Here’s what I coded to date:

  • Authentication and authorisation is now set up
    • a user can login as a regular user or an admin user
    • certain resources are hidden from regular users, e.g. a list of all users
    • a single Java configuration class is used to handle all authorisation across the entire system (for the techies out there, it is of course using AOP in the background to handle the authentication and authorisation cross-cutting concerns)
    • user and their login details are stored within the graph database
  • Artists can be listed and pagination is in place to go to the next or previous page
  • An artist record can be viewed
  • A user can “appreciate” an artist – i.e. much like liking a post in Facebook
  • Artworks can be listed and pagination is in place to go to the next or previous page
  • An artwork record can be viewed
  • A user can appreciate an artwork
  • A user can view the record of another user
  • A user can “befriend” another user (right now, this is more like a Twitter follow because it is an instant befriending by another user, so some work on this needs to be done to introduce an approval on the other side of the friend request)
  • Some of the unit test classes required for test-drive development (TDD), using JUnit and Mockito.

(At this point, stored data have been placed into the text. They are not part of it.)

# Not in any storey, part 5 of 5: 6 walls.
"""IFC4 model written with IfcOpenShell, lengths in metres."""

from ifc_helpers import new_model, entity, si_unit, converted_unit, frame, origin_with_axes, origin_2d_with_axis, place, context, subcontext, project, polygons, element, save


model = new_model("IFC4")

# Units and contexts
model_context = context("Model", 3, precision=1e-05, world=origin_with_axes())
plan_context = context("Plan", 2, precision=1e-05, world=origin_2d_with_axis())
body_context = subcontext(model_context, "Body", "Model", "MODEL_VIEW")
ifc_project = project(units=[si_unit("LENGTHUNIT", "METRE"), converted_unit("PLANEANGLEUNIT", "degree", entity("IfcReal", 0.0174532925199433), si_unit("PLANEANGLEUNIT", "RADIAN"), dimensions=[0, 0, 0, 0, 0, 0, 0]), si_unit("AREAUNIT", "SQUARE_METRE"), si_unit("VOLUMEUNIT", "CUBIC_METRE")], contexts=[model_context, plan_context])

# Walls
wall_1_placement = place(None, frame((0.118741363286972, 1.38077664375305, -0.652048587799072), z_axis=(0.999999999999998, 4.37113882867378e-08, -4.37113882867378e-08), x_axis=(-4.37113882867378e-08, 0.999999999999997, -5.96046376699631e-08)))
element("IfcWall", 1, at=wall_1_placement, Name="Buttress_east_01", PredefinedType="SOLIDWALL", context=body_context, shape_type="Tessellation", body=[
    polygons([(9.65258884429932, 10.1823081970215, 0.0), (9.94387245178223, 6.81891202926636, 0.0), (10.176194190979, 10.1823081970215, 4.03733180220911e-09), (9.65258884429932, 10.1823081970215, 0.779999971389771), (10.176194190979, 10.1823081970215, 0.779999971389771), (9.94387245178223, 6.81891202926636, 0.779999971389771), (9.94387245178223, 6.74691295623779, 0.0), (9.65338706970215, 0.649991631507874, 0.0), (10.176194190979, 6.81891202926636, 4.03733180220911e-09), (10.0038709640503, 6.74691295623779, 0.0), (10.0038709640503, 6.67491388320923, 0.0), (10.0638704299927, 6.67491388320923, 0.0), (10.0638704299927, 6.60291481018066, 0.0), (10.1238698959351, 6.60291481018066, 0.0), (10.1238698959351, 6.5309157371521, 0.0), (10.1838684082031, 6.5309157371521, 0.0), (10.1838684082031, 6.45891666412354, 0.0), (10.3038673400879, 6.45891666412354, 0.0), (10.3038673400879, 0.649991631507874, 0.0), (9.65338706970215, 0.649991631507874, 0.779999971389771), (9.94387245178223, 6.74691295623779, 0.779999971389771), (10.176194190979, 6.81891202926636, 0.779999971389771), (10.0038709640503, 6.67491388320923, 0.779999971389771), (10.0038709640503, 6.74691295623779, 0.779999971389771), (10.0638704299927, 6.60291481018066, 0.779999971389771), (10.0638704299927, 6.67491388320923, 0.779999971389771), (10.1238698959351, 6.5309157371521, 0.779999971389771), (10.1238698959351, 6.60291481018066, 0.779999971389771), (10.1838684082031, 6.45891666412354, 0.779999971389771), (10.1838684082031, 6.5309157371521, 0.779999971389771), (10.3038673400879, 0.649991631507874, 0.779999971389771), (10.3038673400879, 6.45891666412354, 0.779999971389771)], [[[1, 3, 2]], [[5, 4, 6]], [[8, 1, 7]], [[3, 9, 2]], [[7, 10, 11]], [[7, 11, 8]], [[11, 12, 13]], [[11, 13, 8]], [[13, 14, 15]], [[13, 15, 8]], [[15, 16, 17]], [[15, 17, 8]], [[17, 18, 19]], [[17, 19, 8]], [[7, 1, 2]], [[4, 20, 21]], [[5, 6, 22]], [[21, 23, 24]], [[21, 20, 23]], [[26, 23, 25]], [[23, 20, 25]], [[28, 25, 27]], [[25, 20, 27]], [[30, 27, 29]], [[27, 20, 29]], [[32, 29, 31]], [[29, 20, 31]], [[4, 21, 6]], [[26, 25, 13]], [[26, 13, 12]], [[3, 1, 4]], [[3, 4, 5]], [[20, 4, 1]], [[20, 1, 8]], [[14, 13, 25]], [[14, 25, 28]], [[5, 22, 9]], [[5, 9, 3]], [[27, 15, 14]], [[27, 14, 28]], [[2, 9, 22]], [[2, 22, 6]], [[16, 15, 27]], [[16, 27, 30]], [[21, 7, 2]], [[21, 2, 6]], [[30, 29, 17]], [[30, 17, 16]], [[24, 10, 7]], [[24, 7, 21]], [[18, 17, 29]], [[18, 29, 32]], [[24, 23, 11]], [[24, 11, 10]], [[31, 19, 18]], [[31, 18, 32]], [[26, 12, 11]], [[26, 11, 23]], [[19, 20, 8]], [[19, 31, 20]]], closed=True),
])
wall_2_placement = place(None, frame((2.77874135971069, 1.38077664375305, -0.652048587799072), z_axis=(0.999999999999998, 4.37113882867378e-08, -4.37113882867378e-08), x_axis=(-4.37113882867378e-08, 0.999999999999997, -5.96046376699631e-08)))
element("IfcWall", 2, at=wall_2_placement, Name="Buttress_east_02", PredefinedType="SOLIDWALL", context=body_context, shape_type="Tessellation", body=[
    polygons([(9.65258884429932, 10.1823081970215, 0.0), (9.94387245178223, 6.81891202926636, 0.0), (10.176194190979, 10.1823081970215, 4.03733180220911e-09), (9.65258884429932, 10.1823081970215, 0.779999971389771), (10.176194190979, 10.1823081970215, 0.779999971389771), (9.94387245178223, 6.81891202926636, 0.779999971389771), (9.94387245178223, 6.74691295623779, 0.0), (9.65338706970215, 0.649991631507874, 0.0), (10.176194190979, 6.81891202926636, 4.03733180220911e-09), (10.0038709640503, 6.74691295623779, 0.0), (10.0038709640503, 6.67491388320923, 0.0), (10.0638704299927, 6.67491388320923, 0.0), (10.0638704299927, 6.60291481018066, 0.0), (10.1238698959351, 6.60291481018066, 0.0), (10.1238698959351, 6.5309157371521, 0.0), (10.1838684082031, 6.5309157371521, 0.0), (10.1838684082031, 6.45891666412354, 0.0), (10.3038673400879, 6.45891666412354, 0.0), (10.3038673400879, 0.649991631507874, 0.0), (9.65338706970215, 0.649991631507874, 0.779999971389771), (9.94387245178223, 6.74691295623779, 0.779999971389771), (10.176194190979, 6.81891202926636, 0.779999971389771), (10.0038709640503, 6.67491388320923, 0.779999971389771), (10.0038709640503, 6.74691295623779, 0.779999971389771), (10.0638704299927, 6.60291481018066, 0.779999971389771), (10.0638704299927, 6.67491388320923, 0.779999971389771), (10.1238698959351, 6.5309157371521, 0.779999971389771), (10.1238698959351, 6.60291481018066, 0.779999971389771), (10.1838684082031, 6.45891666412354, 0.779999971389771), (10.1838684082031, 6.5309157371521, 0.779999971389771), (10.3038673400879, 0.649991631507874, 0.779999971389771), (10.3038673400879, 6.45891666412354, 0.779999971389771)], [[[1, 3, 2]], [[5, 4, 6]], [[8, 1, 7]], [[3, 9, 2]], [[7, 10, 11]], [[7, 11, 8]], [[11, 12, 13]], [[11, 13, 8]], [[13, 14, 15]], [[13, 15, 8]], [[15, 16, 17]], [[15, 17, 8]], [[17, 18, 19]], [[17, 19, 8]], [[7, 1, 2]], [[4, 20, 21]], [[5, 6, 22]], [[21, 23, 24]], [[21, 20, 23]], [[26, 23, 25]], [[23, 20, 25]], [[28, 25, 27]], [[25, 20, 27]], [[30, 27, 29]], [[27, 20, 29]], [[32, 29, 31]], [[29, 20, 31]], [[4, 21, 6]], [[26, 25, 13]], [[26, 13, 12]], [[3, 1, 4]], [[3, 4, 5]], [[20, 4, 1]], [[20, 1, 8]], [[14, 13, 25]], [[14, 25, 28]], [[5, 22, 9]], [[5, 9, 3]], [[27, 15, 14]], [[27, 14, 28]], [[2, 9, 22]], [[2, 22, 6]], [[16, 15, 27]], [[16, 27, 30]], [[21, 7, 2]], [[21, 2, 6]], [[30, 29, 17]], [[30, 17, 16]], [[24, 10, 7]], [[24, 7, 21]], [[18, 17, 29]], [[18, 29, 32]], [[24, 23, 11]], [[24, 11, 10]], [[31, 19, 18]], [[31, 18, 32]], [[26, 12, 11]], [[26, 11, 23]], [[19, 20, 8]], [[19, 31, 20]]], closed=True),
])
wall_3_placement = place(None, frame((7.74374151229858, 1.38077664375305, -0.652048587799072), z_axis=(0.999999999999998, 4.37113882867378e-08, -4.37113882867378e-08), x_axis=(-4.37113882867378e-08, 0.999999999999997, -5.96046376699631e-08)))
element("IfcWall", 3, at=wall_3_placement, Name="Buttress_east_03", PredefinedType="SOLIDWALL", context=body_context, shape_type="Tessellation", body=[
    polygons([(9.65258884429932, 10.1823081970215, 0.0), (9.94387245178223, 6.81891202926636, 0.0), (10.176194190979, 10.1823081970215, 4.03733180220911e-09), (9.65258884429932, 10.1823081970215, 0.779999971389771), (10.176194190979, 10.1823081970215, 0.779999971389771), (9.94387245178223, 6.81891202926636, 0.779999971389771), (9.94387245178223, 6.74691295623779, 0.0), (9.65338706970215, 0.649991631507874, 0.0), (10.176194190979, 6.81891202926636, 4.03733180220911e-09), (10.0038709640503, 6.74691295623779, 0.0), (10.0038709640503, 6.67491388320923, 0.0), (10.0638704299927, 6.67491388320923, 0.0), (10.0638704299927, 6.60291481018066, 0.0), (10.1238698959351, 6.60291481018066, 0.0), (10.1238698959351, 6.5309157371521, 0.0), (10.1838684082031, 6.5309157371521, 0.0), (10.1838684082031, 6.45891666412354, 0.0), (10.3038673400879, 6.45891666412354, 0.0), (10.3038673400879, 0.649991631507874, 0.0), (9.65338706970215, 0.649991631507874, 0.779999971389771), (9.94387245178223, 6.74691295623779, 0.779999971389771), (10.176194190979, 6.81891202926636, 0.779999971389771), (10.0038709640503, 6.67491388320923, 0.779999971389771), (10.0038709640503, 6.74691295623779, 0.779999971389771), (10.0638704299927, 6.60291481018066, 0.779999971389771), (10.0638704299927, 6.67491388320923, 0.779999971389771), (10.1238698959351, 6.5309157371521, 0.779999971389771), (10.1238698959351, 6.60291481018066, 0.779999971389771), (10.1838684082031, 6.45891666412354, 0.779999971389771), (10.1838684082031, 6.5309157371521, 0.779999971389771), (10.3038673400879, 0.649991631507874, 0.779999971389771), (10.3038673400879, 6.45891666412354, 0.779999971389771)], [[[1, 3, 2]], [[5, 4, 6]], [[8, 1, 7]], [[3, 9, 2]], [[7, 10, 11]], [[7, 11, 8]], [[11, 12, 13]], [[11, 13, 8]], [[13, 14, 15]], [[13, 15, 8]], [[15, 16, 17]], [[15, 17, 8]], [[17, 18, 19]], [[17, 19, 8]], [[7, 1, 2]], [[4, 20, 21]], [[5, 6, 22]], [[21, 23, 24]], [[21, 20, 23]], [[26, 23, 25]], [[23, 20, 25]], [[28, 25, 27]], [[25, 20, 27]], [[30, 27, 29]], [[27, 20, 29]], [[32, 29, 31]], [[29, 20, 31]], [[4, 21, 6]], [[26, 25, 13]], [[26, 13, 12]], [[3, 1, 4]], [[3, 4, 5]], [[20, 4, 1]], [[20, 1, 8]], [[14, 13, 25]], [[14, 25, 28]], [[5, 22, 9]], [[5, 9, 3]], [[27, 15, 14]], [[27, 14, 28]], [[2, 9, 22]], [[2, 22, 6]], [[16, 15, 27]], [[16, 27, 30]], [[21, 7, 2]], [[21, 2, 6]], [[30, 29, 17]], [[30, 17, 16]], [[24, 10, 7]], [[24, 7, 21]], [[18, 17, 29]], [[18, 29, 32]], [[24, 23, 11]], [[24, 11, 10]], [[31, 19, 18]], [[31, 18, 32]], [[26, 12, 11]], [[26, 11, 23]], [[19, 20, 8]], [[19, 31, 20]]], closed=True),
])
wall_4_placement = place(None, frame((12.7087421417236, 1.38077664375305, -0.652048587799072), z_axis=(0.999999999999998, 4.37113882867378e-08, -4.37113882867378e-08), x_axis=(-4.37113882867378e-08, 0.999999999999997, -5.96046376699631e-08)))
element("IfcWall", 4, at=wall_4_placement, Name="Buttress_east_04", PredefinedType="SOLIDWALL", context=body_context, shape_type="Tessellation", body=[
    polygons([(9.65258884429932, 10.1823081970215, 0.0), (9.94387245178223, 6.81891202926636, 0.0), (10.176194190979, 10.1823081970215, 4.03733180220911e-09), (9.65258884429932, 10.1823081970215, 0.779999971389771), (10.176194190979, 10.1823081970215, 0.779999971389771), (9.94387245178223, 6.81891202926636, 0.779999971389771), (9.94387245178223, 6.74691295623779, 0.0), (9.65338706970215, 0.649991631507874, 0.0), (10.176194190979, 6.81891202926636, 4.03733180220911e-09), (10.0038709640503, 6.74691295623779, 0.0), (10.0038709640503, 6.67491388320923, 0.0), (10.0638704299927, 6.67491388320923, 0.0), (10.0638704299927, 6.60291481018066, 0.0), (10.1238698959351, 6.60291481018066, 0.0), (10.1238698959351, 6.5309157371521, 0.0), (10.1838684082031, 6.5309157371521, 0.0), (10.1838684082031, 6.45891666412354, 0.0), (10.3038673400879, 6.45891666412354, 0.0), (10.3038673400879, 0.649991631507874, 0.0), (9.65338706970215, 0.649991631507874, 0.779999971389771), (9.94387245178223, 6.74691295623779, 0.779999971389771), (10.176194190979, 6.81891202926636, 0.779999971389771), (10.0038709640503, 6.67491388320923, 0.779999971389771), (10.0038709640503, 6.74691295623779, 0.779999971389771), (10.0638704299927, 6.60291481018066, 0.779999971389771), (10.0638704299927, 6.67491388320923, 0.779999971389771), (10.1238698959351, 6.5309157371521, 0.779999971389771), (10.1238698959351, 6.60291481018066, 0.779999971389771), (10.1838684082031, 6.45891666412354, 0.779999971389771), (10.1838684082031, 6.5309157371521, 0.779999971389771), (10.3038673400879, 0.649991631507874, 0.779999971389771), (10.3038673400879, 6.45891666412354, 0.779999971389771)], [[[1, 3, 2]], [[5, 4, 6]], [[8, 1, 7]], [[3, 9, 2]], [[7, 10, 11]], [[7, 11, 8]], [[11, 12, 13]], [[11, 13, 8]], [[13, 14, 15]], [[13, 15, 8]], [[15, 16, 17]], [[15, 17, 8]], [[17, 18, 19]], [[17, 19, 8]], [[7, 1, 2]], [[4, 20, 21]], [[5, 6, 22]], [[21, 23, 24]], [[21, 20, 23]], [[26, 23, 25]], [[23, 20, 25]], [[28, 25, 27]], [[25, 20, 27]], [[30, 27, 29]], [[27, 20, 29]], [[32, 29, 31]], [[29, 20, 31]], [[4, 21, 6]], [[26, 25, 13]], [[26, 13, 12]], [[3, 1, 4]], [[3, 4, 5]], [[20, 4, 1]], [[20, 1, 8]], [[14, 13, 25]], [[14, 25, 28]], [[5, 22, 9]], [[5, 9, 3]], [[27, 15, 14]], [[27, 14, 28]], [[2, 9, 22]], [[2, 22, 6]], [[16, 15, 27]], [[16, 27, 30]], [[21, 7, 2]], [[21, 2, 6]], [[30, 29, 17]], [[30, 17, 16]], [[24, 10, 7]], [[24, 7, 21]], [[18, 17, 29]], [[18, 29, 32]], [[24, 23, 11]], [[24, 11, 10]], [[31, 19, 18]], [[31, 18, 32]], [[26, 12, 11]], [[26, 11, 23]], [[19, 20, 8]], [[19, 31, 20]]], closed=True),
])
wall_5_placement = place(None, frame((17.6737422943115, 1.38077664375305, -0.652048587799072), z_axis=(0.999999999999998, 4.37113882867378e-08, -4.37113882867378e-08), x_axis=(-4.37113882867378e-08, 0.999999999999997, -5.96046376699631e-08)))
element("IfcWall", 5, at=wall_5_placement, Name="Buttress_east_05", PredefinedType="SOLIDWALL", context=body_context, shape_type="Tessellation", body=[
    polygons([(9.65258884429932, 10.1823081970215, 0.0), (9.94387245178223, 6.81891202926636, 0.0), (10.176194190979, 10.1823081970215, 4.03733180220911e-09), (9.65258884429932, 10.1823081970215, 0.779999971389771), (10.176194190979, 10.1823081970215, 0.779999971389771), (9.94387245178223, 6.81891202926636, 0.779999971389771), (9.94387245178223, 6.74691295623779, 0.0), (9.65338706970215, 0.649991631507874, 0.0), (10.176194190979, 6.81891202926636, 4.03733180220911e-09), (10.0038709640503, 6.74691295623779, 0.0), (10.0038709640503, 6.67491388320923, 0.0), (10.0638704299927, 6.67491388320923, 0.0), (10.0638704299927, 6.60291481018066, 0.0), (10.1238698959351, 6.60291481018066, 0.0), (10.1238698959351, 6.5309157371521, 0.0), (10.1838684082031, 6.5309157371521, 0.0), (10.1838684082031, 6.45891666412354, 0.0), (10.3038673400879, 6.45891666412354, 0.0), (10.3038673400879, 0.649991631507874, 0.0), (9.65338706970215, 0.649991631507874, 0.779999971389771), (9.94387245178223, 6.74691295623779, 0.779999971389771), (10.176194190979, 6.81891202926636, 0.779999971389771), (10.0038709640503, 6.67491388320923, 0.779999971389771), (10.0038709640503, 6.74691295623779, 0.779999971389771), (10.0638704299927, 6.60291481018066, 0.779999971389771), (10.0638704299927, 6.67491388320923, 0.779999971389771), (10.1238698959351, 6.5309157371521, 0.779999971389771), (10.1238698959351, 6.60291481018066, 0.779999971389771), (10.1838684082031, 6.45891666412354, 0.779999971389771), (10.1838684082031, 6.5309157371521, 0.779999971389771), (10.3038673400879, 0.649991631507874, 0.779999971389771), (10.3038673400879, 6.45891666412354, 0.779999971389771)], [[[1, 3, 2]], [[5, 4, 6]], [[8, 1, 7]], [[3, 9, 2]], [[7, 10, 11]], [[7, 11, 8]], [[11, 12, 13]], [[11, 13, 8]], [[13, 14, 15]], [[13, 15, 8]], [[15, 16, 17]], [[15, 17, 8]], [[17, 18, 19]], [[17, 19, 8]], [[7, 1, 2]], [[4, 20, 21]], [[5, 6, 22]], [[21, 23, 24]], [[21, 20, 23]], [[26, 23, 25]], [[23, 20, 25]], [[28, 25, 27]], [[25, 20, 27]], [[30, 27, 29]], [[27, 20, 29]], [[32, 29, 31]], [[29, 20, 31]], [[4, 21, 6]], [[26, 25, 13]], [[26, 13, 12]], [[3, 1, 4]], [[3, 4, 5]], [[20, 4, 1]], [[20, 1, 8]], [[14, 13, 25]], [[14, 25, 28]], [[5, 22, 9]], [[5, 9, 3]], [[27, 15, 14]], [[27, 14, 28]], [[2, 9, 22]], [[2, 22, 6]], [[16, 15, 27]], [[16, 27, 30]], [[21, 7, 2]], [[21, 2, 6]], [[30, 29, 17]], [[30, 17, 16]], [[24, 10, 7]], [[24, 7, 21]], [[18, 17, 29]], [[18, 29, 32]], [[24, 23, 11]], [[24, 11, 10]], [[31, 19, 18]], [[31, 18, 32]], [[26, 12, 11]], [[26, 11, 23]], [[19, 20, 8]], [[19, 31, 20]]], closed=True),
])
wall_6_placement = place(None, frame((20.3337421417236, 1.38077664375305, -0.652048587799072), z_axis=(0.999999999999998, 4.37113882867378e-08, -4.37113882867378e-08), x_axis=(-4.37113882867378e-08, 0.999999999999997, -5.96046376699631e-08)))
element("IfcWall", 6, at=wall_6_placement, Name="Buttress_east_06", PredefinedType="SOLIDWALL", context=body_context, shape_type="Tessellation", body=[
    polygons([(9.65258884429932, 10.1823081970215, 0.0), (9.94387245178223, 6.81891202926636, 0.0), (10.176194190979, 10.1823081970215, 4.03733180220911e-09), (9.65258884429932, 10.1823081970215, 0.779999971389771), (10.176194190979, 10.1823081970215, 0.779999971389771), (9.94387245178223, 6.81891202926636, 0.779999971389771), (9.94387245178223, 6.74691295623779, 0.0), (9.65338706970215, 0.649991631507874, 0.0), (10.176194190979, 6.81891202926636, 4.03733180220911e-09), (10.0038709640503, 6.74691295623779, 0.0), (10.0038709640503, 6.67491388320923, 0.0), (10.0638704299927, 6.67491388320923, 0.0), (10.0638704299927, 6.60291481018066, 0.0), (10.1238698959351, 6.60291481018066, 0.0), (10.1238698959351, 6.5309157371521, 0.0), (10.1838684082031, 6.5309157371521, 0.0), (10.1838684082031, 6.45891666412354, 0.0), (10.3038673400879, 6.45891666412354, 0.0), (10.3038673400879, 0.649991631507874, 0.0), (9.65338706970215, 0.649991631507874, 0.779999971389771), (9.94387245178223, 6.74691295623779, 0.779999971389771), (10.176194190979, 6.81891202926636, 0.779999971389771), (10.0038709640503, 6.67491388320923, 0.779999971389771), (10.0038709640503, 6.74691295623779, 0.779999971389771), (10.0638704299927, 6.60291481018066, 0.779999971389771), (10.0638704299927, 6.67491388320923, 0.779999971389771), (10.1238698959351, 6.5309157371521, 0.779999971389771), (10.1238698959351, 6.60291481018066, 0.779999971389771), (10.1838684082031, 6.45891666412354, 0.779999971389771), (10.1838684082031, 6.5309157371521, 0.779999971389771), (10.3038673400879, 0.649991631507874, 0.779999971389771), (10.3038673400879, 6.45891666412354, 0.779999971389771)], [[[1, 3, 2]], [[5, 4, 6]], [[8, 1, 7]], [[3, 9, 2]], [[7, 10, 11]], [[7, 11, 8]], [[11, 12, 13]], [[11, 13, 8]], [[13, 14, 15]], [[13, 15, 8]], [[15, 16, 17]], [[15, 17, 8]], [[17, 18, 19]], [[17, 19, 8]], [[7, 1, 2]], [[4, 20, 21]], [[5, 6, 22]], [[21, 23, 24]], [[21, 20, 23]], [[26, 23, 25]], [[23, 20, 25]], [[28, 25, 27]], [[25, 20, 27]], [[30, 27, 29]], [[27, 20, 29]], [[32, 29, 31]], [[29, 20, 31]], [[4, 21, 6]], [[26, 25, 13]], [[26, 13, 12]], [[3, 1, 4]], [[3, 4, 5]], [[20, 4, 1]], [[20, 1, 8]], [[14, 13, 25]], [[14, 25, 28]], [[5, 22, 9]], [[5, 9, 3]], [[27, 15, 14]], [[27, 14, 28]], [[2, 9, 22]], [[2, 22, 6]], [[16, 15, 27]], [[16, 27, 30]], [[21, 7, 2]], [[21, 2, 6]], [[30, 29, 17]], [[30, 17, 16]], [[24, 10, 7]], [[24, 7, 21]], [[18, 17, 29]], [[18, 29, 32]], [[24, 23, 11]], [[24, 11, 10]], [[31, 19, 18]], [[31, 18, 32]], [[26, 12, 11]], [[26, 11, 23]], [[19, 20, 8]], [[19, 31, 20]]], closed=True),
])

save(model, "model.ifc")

Unit testing of Neo4j repositories requires a bit of test data seeding, so requires substantial upfront investment

As yet, the website has no styling and I am not displaying full artist or artwork records. In fact, I am not even displaying artwork images just yet. I am concentrating right now on the fabric of the system.

My next port of call is personal galleries, represented by the nodes and edges below:

Screenshot from 2015-02-08 15:18:56

Beyond that, the next major piece of development may well be a recommendation engine.

Downloading and Importing the Tate Dataset

The Tate is probably most famous for the Tate Modern in London, but has other galleries too. They recently made available a dataset of all their artworks and artists.

I decided to investigate. I discovered that the dataset is stored on gitHub and is available in CSV and JSON formats. The JSON version is the most comprehensive.

This was perfect for my teaching requirements. This coming week I am covering the concept of the document-oriented data model. JSON is ideally suited to this and can be loaded into most document-oriented databases, such as the one I will be using by way of example, MongoDB.

I encountered a slight issue, however. The dataset is organised into subfolders, with each artist and artwork in its own individual JSON file. MongoDB’s import command only works with single files. So I had to devise a way to recursively drill down through the folder structure downloaded from gitHub.

I achieved this by searching for a Windows shell command (would have been easier to find a Linux solution) that would recursively list the files in a folder. I then had to prepend the mongoimport command to import the documents into a collection in a new database. I did this to create an artworks collection and an artists collection.

If using Windows, you open the command prompt, change directories to go into the artworks folder and issue the following command (assumes MongoDB in installed in C:mongodb and that you want to use the database tate):

(for /r %i in (*) do @echo C:mongodbbinmongoimport --collection artworks --file %i --db tate --jsonArray) > out.txt

[Note: afterwards, you need to delete the listing of the out.txt file from out.txt]

Repeat for the artists collection, just changing the collection to artists and go into the artists folder in the collections downloaded from gitHub.

Easiest thing to do then is to copy and paste from the out.txt file and paste into the command prompt and see it add thousands of documents – difficult with the size of the artworks file. Otherwise develop it into a batch script. Linux is the better platform for that.

Is there an easier way to do this?

I’ll post again on the type of analysis I perform on the data.